During the 25 year period following 1921, Fidelity's fortunes never waived. Neither the great depression nor the second World War materially retarded its growth or its financial stability. It experienced a concentrated increase in membership immediately after both World Wars. In 1921 fifty candidates were raised. In 1946 a single trestleboard listed 40 candidates awaiting reports and the various degrees.

Bateman Memorial Fund 1923

In 1923 while W. Bro. William I. Bateman was Master, a member of Fidelity died leaving a son who was within a few months of completing his four year college course. The Master's investigation disclosed that, without assistance, this young man would be unable to complete his education. The situation was laid before the Lodge and money was raised. The boy stayed at school.

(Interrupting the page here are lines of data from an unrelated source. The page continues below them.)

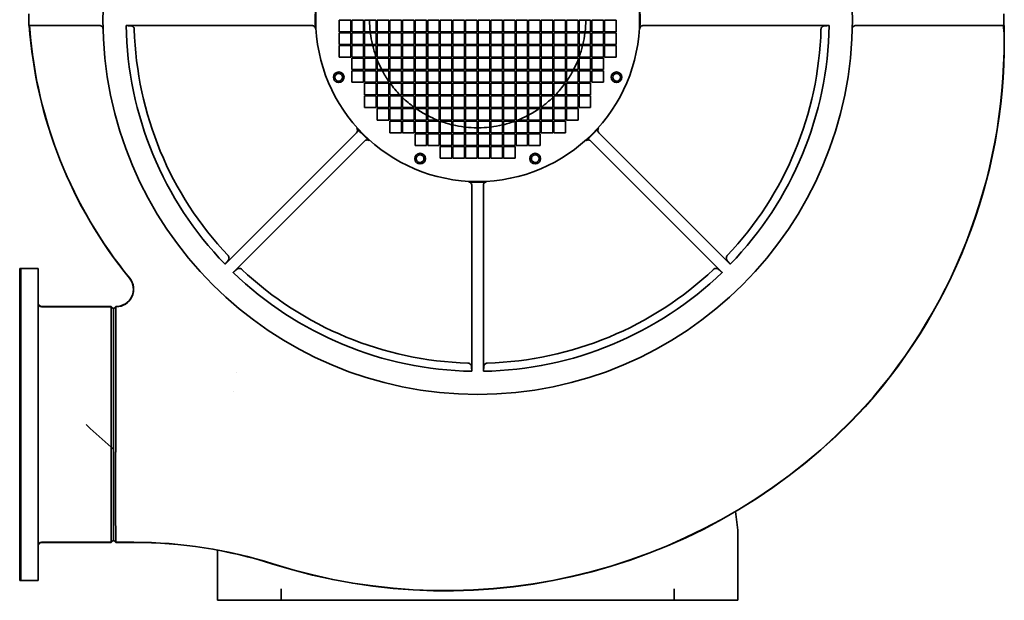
# Model space of a CAD drawing. Header units: millimetres. Extents: x 414 to 1266, y 133 to 1055.
# Tile 1 of 2: x 414 to 1266, y 133 to 635. Entities that reach past the tile are written whole.
import ezdxf

# ---------------------------------------------------------------- set-up
doc = ezdxf.new("R2010")
doc.units = ezdxf.units.MM
doc.header["$LTSCALE"] = 4
doc.layers.add('Krawędzie widoczne(ISO)', color=7, linetype='Continuous', lineweight=35, true_color=0x262659)

msp = doc.modelspace()

# ---------------------------------------------------------------- linework, layer by layer
at = {"layer": 'Krawędzie widoczne(ISO)'}
for p, q in [((422.3, 629.82), (422.3, 639.82)), ((1265.3, 639.82), (1265.3, 629.82)), ((690.6, 634.32), (700.6, 634.32)), ((690.6, 624.32), (690.6, 634.32)), ((700.6, 634.32), (700.6, 624.32)), ((701.6, 624.32), (701.6, 634.32)), ((701.6, 634.32), (711.6, 634.32)), ((711.6, 634.32), (711.6, 624.32)), ((712.6, 624.32), (712.6, 634.32)), ((712.6, 634.32), (722.6, 634.32)), ((722.6, 634.32), (722.6, 624.32)), ((723.5, 634.32), (733.5, 634.32)), ((723.5, 624.32), (723.5, 634.32)), ((733.5, 634.32), (733.5, 624.32)), ((734.4, 634.32), (744.4, 634.32)), ((734.4, 624.32), (734.4, 634.32)), ((744.4, 634.32), (744.4, 624.32)), ((745.3, 634.32), (755.3, 634.32)), ((745.3, 624.32), (745.3, 634.32)), ((755.3, 634.32), (755.3, 624.32)), ((756.2, 624.32), (756.2, 634.32)), ((756.2, 634.32), (766.2, 634.32)), ((766.2, 634.32), (766.2, 624.32)), ((767.1, 634.32), (777.1, 634.32)), ((767.1, 624.32), (767.1, 634.32)), ((777.1, 634.32), (777.1, 624.32)), ((778, 624.32), (778, 634.32)), ((778, 634.32), (788, 634.32)), ((788, 634.32), (788, 624.32)), ((788.9, 634.32), (798.9, 634.32)), ((788.9, 624.32), (788.9, 634.32)), ((798.9, 634.32), (798.9, 624.32)), ((799.8, 634.32), (809.8, 634.32)), ((799.8, 624.32), (799.8, 634.32)), ((809.8, 634.32), (809.8, 624.32)), ((810.8, 624.32), (810.8, 634.32)), ((810.8, 634.32), (820.8, 634.32)), ((820.8, 634.32), (820.8, 624.32)), ((821.7, 624.32), (821.7, 634.32)), ((821.7, 634.32), (831.7, 634.32)), ((831.7, 634.32), (831.7, 624.32)), ((832.6, 624.32), (832.6, 634.32)), ((832.6, 634.32), (842.6, 634.32)), ((842.6, 634.32), (842.6, 624.32)), ((843.5, 624.32), (843.5, 634.32)), ((843.5, 634.32), (853.5, 634.32)), ((853.5, 634.32), (853.5, 624.32)), ((854.4, 624.32), (854.4, 634.32)), ((854.4, 634.32), (864.4, 634.32)), ((864.4, 634.32), (864.4, 624.32)), ((865.3, 624.32), (865.3, 634.32)), ((865.3, 634.32), (875.3, 634.32)), ((875.3, 634.32), (875.3, 624.32)), ((876.2, 624.32), (876.2, 634.32)), ((876.2, 634.32), (886.2, 634.32)), ((886.2, 634.32), (886.2, 624.32)), ((887.1, 624.32), (887.1, 634.32)), ((887.1, 634.32), (897.1, 634.32)), ((897.1, 634.32), (897.1, 624.32)), ((898, 624.32), (898, 634.32)), ((898, 634.32), (908, 634.32)), ((908, 634.32), (908, 624.32)), ((909, 624.32), (909, 634.32)), ((909, 634.32), (919, 634.32)), ((919, 634.32), (919, 624.32)), ((920, 624.32), (920, 634.32)), ((920, 634.32), (930, 634.32)), ((930, 634.32), (930, 624.32)), ((422.3, 629.82), (425.12, 629.82)), ((447.11, 629.82), (425.12, 629.82)), ((447.11, 629.82), (483.4, 629.82)), ((506.35, 629.82), (666.97, 629.82)), ((700.6, 624.32), (690.6, 624.32)), ((690.6, 623.42), (700.6, 623.42)), ((690.6, 613.42), (690.6, 623.42)), ((700.6, 623.42), (700.6, 613.42)), ((711.6, 624.32), (701.6, 624.32)), ((701.6, 613.42), (701.6, 623.42)), ((701.6, 623.42), (711.6, 623.42)), ((711.6, 623.42), (711.6, 613.42)), ((722.6, 624.32), (712.6, 624.32)), ((712.6, 613.42), (712.6, 623.42)), ((712.6, 623.42), (722.6, 623.42)), ((722.6, 623.42), (722.6, 613.42)), ((733.5, 624.32), (723.5, 624.32)), ((723.5, 623.42), (733.5, 623.42)), ((723.5, 613.42), (723.5, 623.42)), ((733.5, 623.42), (733.5, 613.42)), ((744.4, 624.32), (734.4, 624.32)), ((734.4, 613.42), (734.4, 623.42)), ((734.4, 623.42), (744.4, 623.42)), ((744.4, 623.42), (744.4, 613.42)), ((755.3, 624.32), (745.3, 624.32)), ((745.3, 623.42), (755.3, 623.42)), ((745.3, 613.42), (745.3, 623.42)), ((755.3, 623.42), (755.3, 613.42)), ((766.2, 624.32), (756.2, 624.32)), ((756.2, 623.42), (766.2, 623.42)), ((756.2, 613.42), (756.2, 623.42)), ((766.2, 623.42), (766.2, 613.42)), ((777.1, 624.32), (767.1, 624.32)), ((767.1, 623.42), (777.1, 623.42)), ((767.1, 613.42), (767.1, 623.42)), ((777.1, 623.42), (777.1, 613.42)), ((788, 624.32), (778, 624.32)), ((778, 613.42), (778, 623.42)), ((778, 623.42), (788, 623.42)), ((788, 623.42), (788, 613.42)), ((798.9, 624.32), (788.9, 624.32)), ((788.9, 623.42), (798.9, 623.42)), ((788.9, 613.42), (788.9, 623.42)), ((798.9, 623.42), (798.9, 613.42)), ((809.8, 624.32), (799.8, 624.32)), ((799.8, 623.42), (809.8, 623.42)), ((799.8, 613.42), (799.8, 623.42)), ((809.8, 623.42), (809.8, 613.42)), ((820.8, 624.32), (810.8, 624.32)), ((810.8, 613.42), (810.8, 623.42)), ((810.8, 623.42), (820.8, 623.42)), ((820.8, 623.42), (820.8, 613.42)), ((831.7, 624.32), (821.7, 624.32)), ((821.7, 613.42), (821.7, 623.42)), ((821.7, 623.42), (831.7, 623.42)), ((831.7, 623.42), (831.7, 613.42)), ((842.6, 624.32), (832.6, 624.32)), ((832.6, 613.42), (832.6, 623.42)), ((832.6, 623.42), (842.6, 623.42)), ((842.6, 623.42), (842.6, 613.42)), ((853.5, 624.32), (843.5, 624.32)), ((843.5, 613.42), (843.5, 623.42)), ((843.5, 623.42), (853.5, 623.42)), ((853.5, 623.42), (853.5, 613.42)), ((864.4, 624.32), (854.4, 624.32)), ((854.4, 613.42), (854.4, 623.42)), ((854.4, 623.42), (864.4, 623.42)), ((864.4, 623.42), (864.4, 613.42)), ((875.3, 624.32), (865.3, 624.32)), ((865.3, 613.42), (865.3, 623.42)), ((865.3, 623.42), (875.3, 623.42)), ((875.3, 623.42), (875.3, 613.42)), ((886.2, 624.32), (876.2, 624.32)), ((876.2, 613.42), (876.2, 623.42)), ((876.2, 623.42), (886.2, 623.42)), ((886.2, 623.42), (886.2, 613.42)), ((897.1, 624.32), (887.1, 624.32)), ((887.1, 613.42), (887.1, 623.42)), ((887.1, 623.42), (897.1, 623.42)), ((897.1, 623.42), (897.1, 613.42)), ((908, 624.32), (898, 624.32)), ((898, 613.42), (898, 623.42)), ((898, 623.42), (908, 623.42)), ((908, 623.42), (908, 613.42)), ((919, 624.32), (909, 624.32)), ((909, 613.42), (909, 623.42)), ((909, 623.42), (919, 623.42)), ((919, 623.42), (919, 613.42)), ((930, 624.32), (920, 624.32)), ((920, 613.42), (920, 623.42)), ((920, 623.42), (930, 623.42)), ((930, 623.42), (930, 613.42)), ((953.64, 629.82), (1114.26, 629.82)), ((1137.21, 629.82), (1240.5, 629.82)), ((1262.48, 629.82), (1240.5, 629.82)), ((1262.48, 629.82), (1265.02, 629.82)), ((1265.13, 629.82), (1265.13, 626.82)), ((1265.31, 629.82), (1265.13, 629.82)), ((1265.48, 629.82), (1265.31, 629.82)), ((700.6, 613.42), (690.6, 613.42)), ((711.6, 613.42), (701.6, 613.42)), ((722.6, 613.42), (712.6, 613.42)), ((733.5, 613.42), (723.5, 613.42)), ((744.4, 613.42), (734.4, 613.42)), ((755.3, 613.42), (745.3, 613.42)), ((766.2, 613.42), (756.2, 613.42)), ((777.1, 613.42), (767.1, 613.42)), ((788, 613.42), (778, 613.42)), ((798.9, 613.42), (788.9, 613.42)), ((809.8, 613.42), (799.8, 613.42)), ((820.8, 613.42), (810.8, 613.42)), ((831.7, 613.42), (821.7, 613.42)), ((842.6, 613.42), (832.6, 613.42)), ((853.5, 613.42), (843.5, 613.42)), ((864.4, 613.42), (854.4, 613.42)), ((875.3, 613.42), (865.3, 613.42)), ((886.2, 613.42), (876.2, 613.42)), ((897.1, 613.42), (887.1, 613.42)), ((908, 613.42), (898, 613.42)), ((919, 613.42), (909, 613.42)), ((930, 613.42), (920, 613.42)), ((690.6, 612.52), (700.6, 612.52)), ((690.6, 602.52), (690.6, 612.52)), ((700.6, 612.52), (700.6, 602.52)), ((701.6, 602.52), (701.6, 612.52)), ((701.6, 612.52), (711.6, 612.52)), ((711.6, 612.52), (711.6, 602.52)), ((712.6, 602.52), (712.6, 612.52)), ((712.6, 612.52), (722.6, 612.52)), ((722.6, 612.52), (722.6, 602.52)), ((723.5, 602.52), (723.5, 612.52)), ((723.5, 612.52), (733.5, 612.52)), ((733.5, 612.52), (733.5, 602.52)), ((734.4, 602.52), (734.4, 612.52)), ((734.4, 612.52), (744.4, 612.52)), ((744.4, 612.52), (744.4, 602.52)), ((745.3, 602.52), (745.3, 612.52)), ((745.3, 612.52), (755.3, 612.52)), ((755.3, 612.52), (755.3, 602.52)), ((756.2, 612.52), (766.2, 612.52)), ((756.2, 602.52), (756.2, 612.52)), ((766.2, 612.52), (766.2, 602.52)), ((767.1, 612.52), (777.1, 612.52)), ((767.1, 602.52), (767.1, 612.52)), ((777.1, 612.52), (777.1, 602.52)), ((778, 602.52), (778, 612.52)), ((778, 612.52), (788, 612.52)), ((788, 612.52), (788, 602.52)), ((788.9, 612.52), (798.9, 612.52)), ((788.9, 602.52), (788.9, 612.52)), ((798.9, 612.52), (798.9, 602.52)), ((799.8, 612.52), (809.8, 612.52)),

This incident inspired W. Bro. Bateman with the idea of establishing a permanent fund in Fidelity for student aid. He wrote to Grand Master who approved and sanctioned the plan. A resolution recommending that Fidelity establish an educational fund was voted. The committee of establishment was made up of W. Bro. Herbert Talbot, Chairman, and Brothers Percy Delamater, Bernard Forster, Robert Tennant and Edgar Wandless. The fund was first incorporated as "The Student Aid Fund of Fidelity Lodge." W. Bro. Bateman died in April 1926, and in commemoration of his sponsorship of the plan, the name was changed to "The Bateman Memorial Education Fund of Fidelity Lodge."

This fund has been ably administered by its officers and 27 sons and daughters of Masons in the Ridgewood area have substantially aided in completing their educations. The aid is made in the form of loans which the recipients repay after graduation as their circumstances permit. None of these loans has ever had to be written off as uncollectable.

During the years immediately following World War I, Fidelity Lodge grew so fast that attendance at its meetings often filled the lodge room to capacity. Other lodges over the state began to build new temples. Organizations, such as the YMCA, began erecting new buildings. Fidelity's trustees gave thoughtful and careful consideration to the problem of ultimately erecting a temple for Fidelity. Their conclusion was that the Lodge could not afford to go into debt for so great an amount of money as would be required to buy land, erect and maintain an adequate building for a temple. Their recommendation to the Lodge was that an investment of $7,500 be made for a plot of land located on the southeast corner of N. Maple Avenue and Linwood Avenue. The Lodge approved and on October 25, 1924, just eight months after 99 South Maple Avenue became free and clear, Fidelity took title to this lot. Meanwhile Lodge business slackened and this lessened the strain on the Lodge hall.